Machine Learning Based Stress Prediction Around the Hole of Attachment Lug Structures for Flaw Tolerance Evaluations


Gultekin E. N., Taskinoglu E. E., Ozkan B.

81st Annual Vertical Flight Society Forum and Technology Display, FORUM 2025, Virginia, United States Of America, 20 - 22 May 2025, (Full Text) identifier

  • Publication Type: Conference Paper / Full Text
  • City: Virginia
  • Country: United States Of America
  • Middle East Technical University Affiliated: Yes

Abstract

This study investigates the stress concentration and damage tolerance of lug structures, with an application example using the horizontal tail plane lug of a light utility helicopter.
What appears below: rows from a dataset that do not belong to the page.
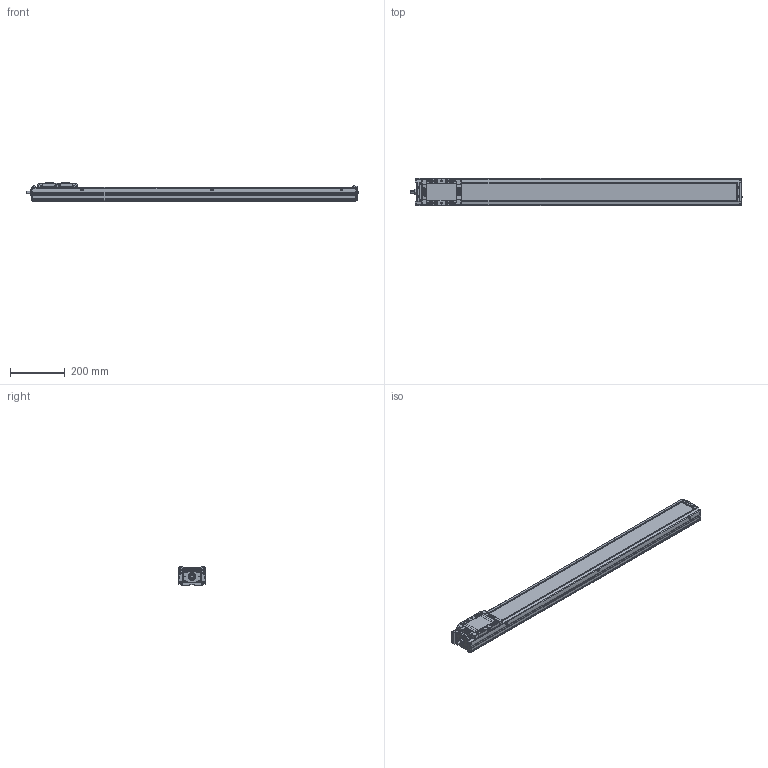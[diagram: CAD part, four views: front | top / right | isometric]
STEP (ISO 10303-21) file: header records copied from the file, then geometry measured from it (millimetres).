
FILE_DESCRIPTION(('STEP AP214'),'1');
FILE_NAME('Z:/Web/3D/SAN100/SAN100 양산용 (STEP)/SAN100ㅁㅁ-1000.stp','2013-04-30T04:59:01',(' '),(' '),'Spatial InterOp 3D',' ',' ');
FILE_SCHEMA(('automotive_design'));
Length unit declared in the file: millimetre
Products named in the file (36): SUS COVER; SFX-SAN100; RRCV-SAN100; 스크루 : Round - M4.0 x 10.0; M3.0 x 6.0; 스크루 : Round - M3.0 x 6.0; FRBL-SAN100; SLBL-SAN100; SLCV-SAN100; 스크루 : Countersunk - M3.0 x 6.0; BASE; 스크루 : Round - M5.0 x 6.0; 너트 : Square - M10.0 x 220.7419; RR1500-000L; FRCV-SAN100
Bounding box: 1216 x 100 x 66 mm (x, y, z)
Volume: 3146577.7 mm3; surface area: 757960.8 mm2
Topology: 36 solids, 37 shells, 2116 faces, 5528 edges, 3543 vertices
Faces by surface type: plane 1003, cylinder 809, cone 218, sphere 48, torus 26, bspline 12
Entity records: 83679 total; most frequent: CARTESIAN_POINT 12933, DIRECTION 11627, ORIENTED_EDGE 10844, EDGE_CURVE 5422, AXIS2_PLACEMENT_3D 4218, VERTEX_POINT 3543, LINE 3191, VECTOR 3191

Using Finite Element Analysis (FEA), stress distributions around the lug hole were simulated under varying load conditions to understand how different loading angles and magnitudes affect stress concentrations. A machine learning approach was employed to predict stress distributions based on a dataset generated from FEA simulations. Several regression models were tested and Random Forest Regression model yields the best predictive accuracy among the others. The study also incorporates a flaw tolerance analysis using the NASGRO® software to calculate the crack growth characteristics of the horizontal tail plane lug structure under service loading. The results highlight the importance of stress distribution variability and identifying the most critical point of the lug structure under service loading with changing angle and amplitude. This research provides insights into the structural integrity of lug components under dynamic loading, contributing to more reliable flaw tolerance assessments for aerospace applications using machine learning techniques.